What I am saying is this: keep your overhead low and borrow as little as possible. I started in my early 20's with good credit and borrowed with the young naive entrepreneurial spirit many young guys do. I am still recovering from this, but I did learn. Now we budget much better, and buy with cash whenever possible. Slow, steady, controlled growth is the way to go. This way you know what is coming at you and you can develop a strong business from the ground up. Our 3 year old daughter loves working with Daddy, and I pray our 8 month old son is the same. this does not mean at ages 14 or 16 they will feel the same. Besides, my wife wants to send them to college and I can't say I disagree. By allowing my kids to work with me (within reason not always very professional to have your kids out there unless they are older and blend in with the other employees) this teaches them work ethic, responsibility, and how to do honest business. I hope my kids learn the importance of business ethic, integrity, and hard work. Even if they choose not to follow my footsteps, this will give them important attributes which will allow them to be successful in whatever path they follow. 

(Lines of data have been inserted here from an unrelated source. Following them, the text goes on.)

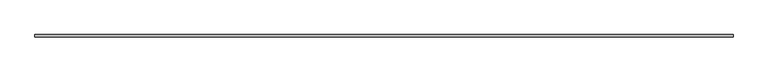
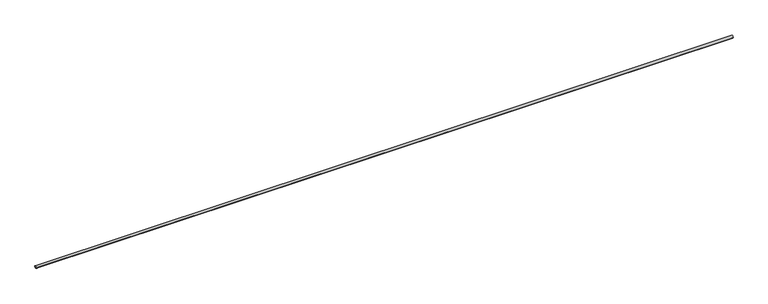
"""IFC4 building model written with IfcOpenShell, lengths in millimetres: railing geometry, Corrimão em aço."""

import ifcopenshell
import ifcopenshell.guid

model = None  # the IFC model being written
_history = None  # IfcOwnerHistory: only IFC2X3 demands one
_inside = {}  # id of a spatial element -> (the spatial element, [elements in it])
_under = {}  # id of a project, library or spatial element -> (it, [spatial elements below it])
_declared = {}  # id of a project -> (the project, [libraries it declares])
_typed = {}  # id of a type object -> (the type object, [elements of that type])
_made_of = {}  # id of a material, layer set ... -> (it, [elements and type objects made of it])


def new_model(schema):
    """Start an empty IFC model of exactly this schema.

    Asked for "IFC4X3", IfcOpenShell would pick the latest addendum, in which some entities
    have other attributes; the version numbers below select the first issue.
    IFC2X3 requires an IfcOwnerHistory on every rooted entity: one is made here for all.
    """
    global model, _history
    if schema == "IFC4X3":
        model = ifcopenshell.file(schema_version=(4, 3, 0, 0))
    else:
        model = ifcopenshell.file(schema=schema)
    _inside.clear()
    _under.clear()
    _declared.clear()
    _typed.clear()
    _made_of.clear()
    _history = None
    if model.schema == "IFC2X3":
        org = make("IfcOrganization", Name="unknown")
        user = make(
            "IfcPersonAndOrganization",
            ThePerson=make("IfcPerson", FamilyName="unknown"),
            TheOrganization=org,
        )
        app = make(
            "IfcApplication",
            ApplicationDeveloper=org,
            Version="unknown",
            ApplicationFullName="unknown",
            ApplicationIdentifier="unknown",
        )
        _history = make(
            "IfcOwnerHistory",
            OwningUser=user,
            OwningApplication=app,
            ChangeAction="ADDED",
            CreationDate=0,
        )
    return model


def make(cls, **values):
    """One entity of the class cls with the attributes given. An attribute that is None is left unset."""
    return model.create_entity(
        cls, **{name: value for name, value in values.items() if value is not None}
    )


def rooted(cls, **values):
    """An entity with a GlobalId (a new one), such as an element, a storey or a relation."""
    return make(cls, GlobalId=ifcopenshell.guid.new(), OwnerHistory=_history, **values)


def si_unit(unit_type, name, prefix=None):
    """IfcSIUnit, for example si_unit("LENGTHUNIT", "METRE", prefix="MILLI")."""
    return make("IfcSIUnit", UnitType=unit_type, Prefix=prefix, Name=name)


def assignment(units):
    """IfcUnitAssignment: the units of a project."""
    return None if units is None else make("IfcUnitAssignment", Units=units)


def point(xyz):
    """IfcCartesianPoint."""
    return None if xyz is None else make("IfcCartesianPoint", Coordinates=xyz)


def direction(xyz):
    """IfcDirection."""
    return None if xyz is None else make("IfcDirection", DirectionRatios=xyz)


def frame(location, z_axis=None, x_axis=None):
    """IfcAxis2Placement3D, a coordinate frame: its origin and axes. An axis left out is left unset."""
    return make(
        "IfcAxis2Placement3D",
        Location=point(location),
        Axis=direction(z_axis),
        RefDirection=direction(x_axis),
    )


def frame_2d(location, x_axis=None):
    """IfcAxis2Placement2D, a coordinate frame in the plane: its origin and x axis."""
    return make(
        "IfcAxis2Placement2D", Location=point(location), RefDirection=direction(x_axis)
    )


def origin():
    """The frame at (0, 0, 0) with its axes left unset."""
    return frame((0.0, 0.0, 0.0))


def place(relative_to, where):
    """IfcLocalPlacement: puts the frame where relative to a parent placement (None: the world)."""
    return make(
        "IfcLocalPlacement", PlacementRelTo=relative_to, RelativePlacement=where
    )


def context(
    kind, dimensions, precision=None, world=None, true_north=None, identifier=None
):
    """IfcGeometricRepresentationContext, for example the 3D "Model" context."""
    return make(
        "IfcGeometricRepresentationContext",
        ContextIdentifier=identifier,
        ContextType=kind,
        CoordinateSpaceDimension=dimensions,
        Precision=precision,
        WorldCoordinateSystem=world,
        TrueNorth=true_north,
    )


def project(units=None, contexts=None):
    """IfcProject with its units and contexts."""
    return rooted(
        "IfcProject",
        Name="project",
        RepresentationContexts=contexts,
        UnitsInContext=assignment(units),
    )


def spatial(cls, under=None, at=None, **own):
    """A site, building, storey or space (cls), placed at a placement, below another one or the project."""
    s = rooted(cls, ObjectPlacement=at, **own)
    if under is not None:
        _under.setdefault(under.id(), (under, []))[1].append(s)
    return s


def circle_curve(where, radius):
    """IfcCircle in the frame where."""
    return make("IfcCircle", Position=where, Radius=radius)


def trimmed(basis, trim1, trim2, sense, master):
    """IfcTrimmedCurve: the piece of a basis curve between two trims."""
    return make(
        "IfcTrimmedCurve",
        BasisCurve=basis,
        Trim1=trim1,
        Trim2=trim2,
        SenseAgreement=sense,
        MasterRepresentation=master,
    )


def segment(curve, same_sense, transition):
    """IfcCompositeCurveSegment."""
    return make(
        "IfcCompositeCurveSegment",
        Transition=transition,
        SameSense=same_sense,
        ParentCurve=curve,
    )


def composite_curve(segments, self_intersect=None):
    """IfcCompositeCurve: segments joined end to end."""
    return make("IfcCompositeCurve", Segments=segments, SelfIntersect=self_intersect)


def outline(outer, holes=None, kind="AREA"):
    """IfcArbitraryClosedProfileDef: a profile drawn as a closed curve; with holes, ...WithVoids."""
    if holes is None:
        return make("IfcArbitraryClosedProfileDef", ProfileType=kind, OuterCurve=outer)
    return make(
        "IfcArbitraryProfileDefWithVoids",
        ProfileType=kind,
        OuterCurve=outer,
        InnerCurves=holes,
    )


def extrude(swept, where, along, depth):
    """IfcExtrudedAreaSolid: the profile swept, set in the frame where, extruded along a direction by depth."""
    return make(
        "IfcExtrudedAreaSolid",
        SweptArea=swept,
        Position=where,
        ExtrudedDirection=direction(along),
        Depth=depth,
    )


def shape(context_of_items, identifier, shape_type, items):
    """IfcShapeRepresentation: the items that make up one representation, for example the "Body"."""
    return make(
        "IfcShapeRepresentation",
        ContextOfItems=context_of_items,
        RepresentationIdentifier=identifier,
        RepresentationType=shape_type,
        Items=items,
    )


def source(mapping_origin, context_of_items, identifier, shape_type, items):
    """IfcRepresentationMap: a shape defined once, which mapped items show again and again."""
    return make(
        "IfcRepresentationMap",
        MappingOrigin=mapping_origin,
        MappedRepresentation=shape(context_of_items, identifier, shape_type, items),
    )


def transform(
    local_origin,
    x_axis=None,
    y_axis=None,
    z_axis=None,
    scale=None,
    scale2=None,
    scale3=None,
    uniform=True,
):
    """IfcCartesianTransformationOperator3D, or its non-uniform kind. x_axis, y_axis, z_axis: its Axis1, 2, 3."""
    if uniform:
        return make(
            "IfcCartesianTransformationOperator3D",
            Axis1=direction(x_axis),
            Axis2=direction(y_axis),
            LocalOrigin=point(local_origin),
            Scale=scale,
            Axis3=direction(z_axis),
        )
    return make(
        "IfcCartesianTransformationOperator3DnonUniform",
        Axis1=direction(x_axis),
        Axis2=direction(y_axis),
        LocalOrigin=point(local_origin),
        Scale=scale,
        Axis3=direction(z_axis),
        Scale2=scale2,
        Scale3=scale3,
    )


def mapped(mapping_source, mapping_target):
    """IfcMappedItem: shows the shape of a source again, moved by a transform."""
    return make(
        "IfcMappedItem", MappingSource=mapping_source, MappingTarget=mapping_target
    )


def made_of(thing, what):
    """Note that an element or type object is made of a material, layer set ...; save() writes the relation."""
    if what is not None:
        _made_of.setdefault(what.id(), (what, []))[1].append(thing)
    return thing


def element(
    cls,
    number,
    at=None,
    inside=None,
    cuts=None,
    type_object=None,
    material=None,
    context=None,
    identifier="Body",
    shape_type=None,
    held_by="IfcProductDefinitionShape",
    body=None,
    shapes=None,
    **own,
):
    """One element of the class cls, such as IfcWall. Its Tag is "e" and its number.

    at: its placement. inside: the storey or other place that contains it. cuts: it is an
    opening in that element (IfcRelVoidsElement). A single representation is given by context,
    identifier, shape_type and body (its items); several are given by shapes. held_by: the class
    of the entity that holds the representations. save() writes the other relations.
    """
    e = rooted(cls, Tag="e%d" % number, ObjectPlacement=at, **own)
    if body is not None:
        shapes = [shape(context, identifier, shape_type, body)]
    if shapes is not None:
        e.Representation = make(held_by, Representations=shapes)
    if inside is not None:
        _inside.setdefault(inside.id(), (inside, []))[1].append(e)
    if cuts is not None:
        rooted(
            "IfcRelVoidsElement", RelatingBuildingElement=cuts, RelatedOpeningElement=e
        )
    if type_object is not None:
        _typed.setdefault(type_object.id(), (type_object, []))[1].append(e)
    return made_of(e, material)


def aggregate(whole, parts):
    """IfcRelAggregates: a whole, such as a stair, and the parts it consists of."""
    return rooted("IfcRelAggregates", RelatingObject=whole, RelatedObjects=parts)


def save(model, path):
    """Write the relations noted so far, then the file.

    IfcRelAggregates (storeys below a building ...), IfcRelContainedInSpatialStructure (elements
    in a storey), IfcRelDefinesByType, IfcRelAssociatesMaterial and IfcRelDeclares: one each for
    every whole, place, type object, material and project.
    """
    for whole, parts in _under.values():
        aggregate(whole, parts)
    for where, things in _inside.values():
        rooted(
            "IfcRelContainedInSpatialStructure",
            RelatedElements=things,
            RelatingStructure=where,
        )
    for kind, things in _typed.values():
        rooted("IfcRelDefinesByType", RelatedObjects=things, RelatingType=kind)
    for what, things in _made_of.values():
        rooted("IfcRelAssociatesMaterial", RelatedObjects=things, RelatingMaterial=what)
    for by, libraries in _declared.values():
        rooted("IfcRelDeclares", RelatingContext=by, RelatedDefinitions=libraries)
    model.write(path)


def railing_11618584(model_context):
    return source(origin(), model_context, "Body", "SweptSolid", [
        extrude(outline(composite_curve([segment(trimmed(circle_curve(frame_2d((-11037.0637549, 880.0)), 20.0), [point((-11017.0637549, 880.0))], [point((-11057.0637549, 880.0))], False, "CARTESIAN"), True, "CONTINUOUS"), segment(trimmed(circle_curve(frame_2d((-11037.0637549, 880.0)), 20.0), [point((-11057.0637549, 880.0))], [point((-11017.0637549, 880.0))], False, "CARTESIAN"), True, "CONTINUOUS")], self_intersect=False)), frame((-8967.3834094, 0.0, 0.0), z_axis=(1.0, 0.0, 0.0), x_axis=(0.0, 1.0, 0.0)), (0.0, 0.0, 1.0), 11190.0),
    ])


if __name__ == "__main__":
    model = new_model("IFC4")
    model_context = context("Model", 3, world=origin())
    ifc_project = project(units=[si_unit("LENGTHUNIT", "METRE", prefix="MILLI")], contexts=[model_context])
    site = spatial("IfcSite", under=ifc_project)
    building = spatial("IfcBuilding", under=site)
    placement = place(None, origin())
    railing_shape = railing_11618584(model_context)
    element("IfcRailing", 1, ObjectType="Corrimão em aço", at=placement, inside=building, context=model_context, shape_type="MappedRepresentation", body=[
        mapped(railing_shape, transform((0.0, 0.0, 0.0), x_axis=(1.0, 0.0, 0.0), y_axis=(0.0, 1.0, 0.0), z_axis=(0.0, 0.0, 1.0))),
    ])
    save(model, "model.ifc")

With all this said, I guess I could sum it up with "Don't count on anybody but yourself". Cynical? Maybe. Realistic? Most probably. Invest for your future. Keep your debts low. Keep your profits high. Keep your eyes open for opportunity at all times. Don't forget to pay your taxes. Don't turn your credit rating to mud. Those are some of my philosophies and you can take out of them what you want. Good luck with your business, and may you prosper and hopefully never have to worry about getting sick or needing to use that life insurance for a long time!


----------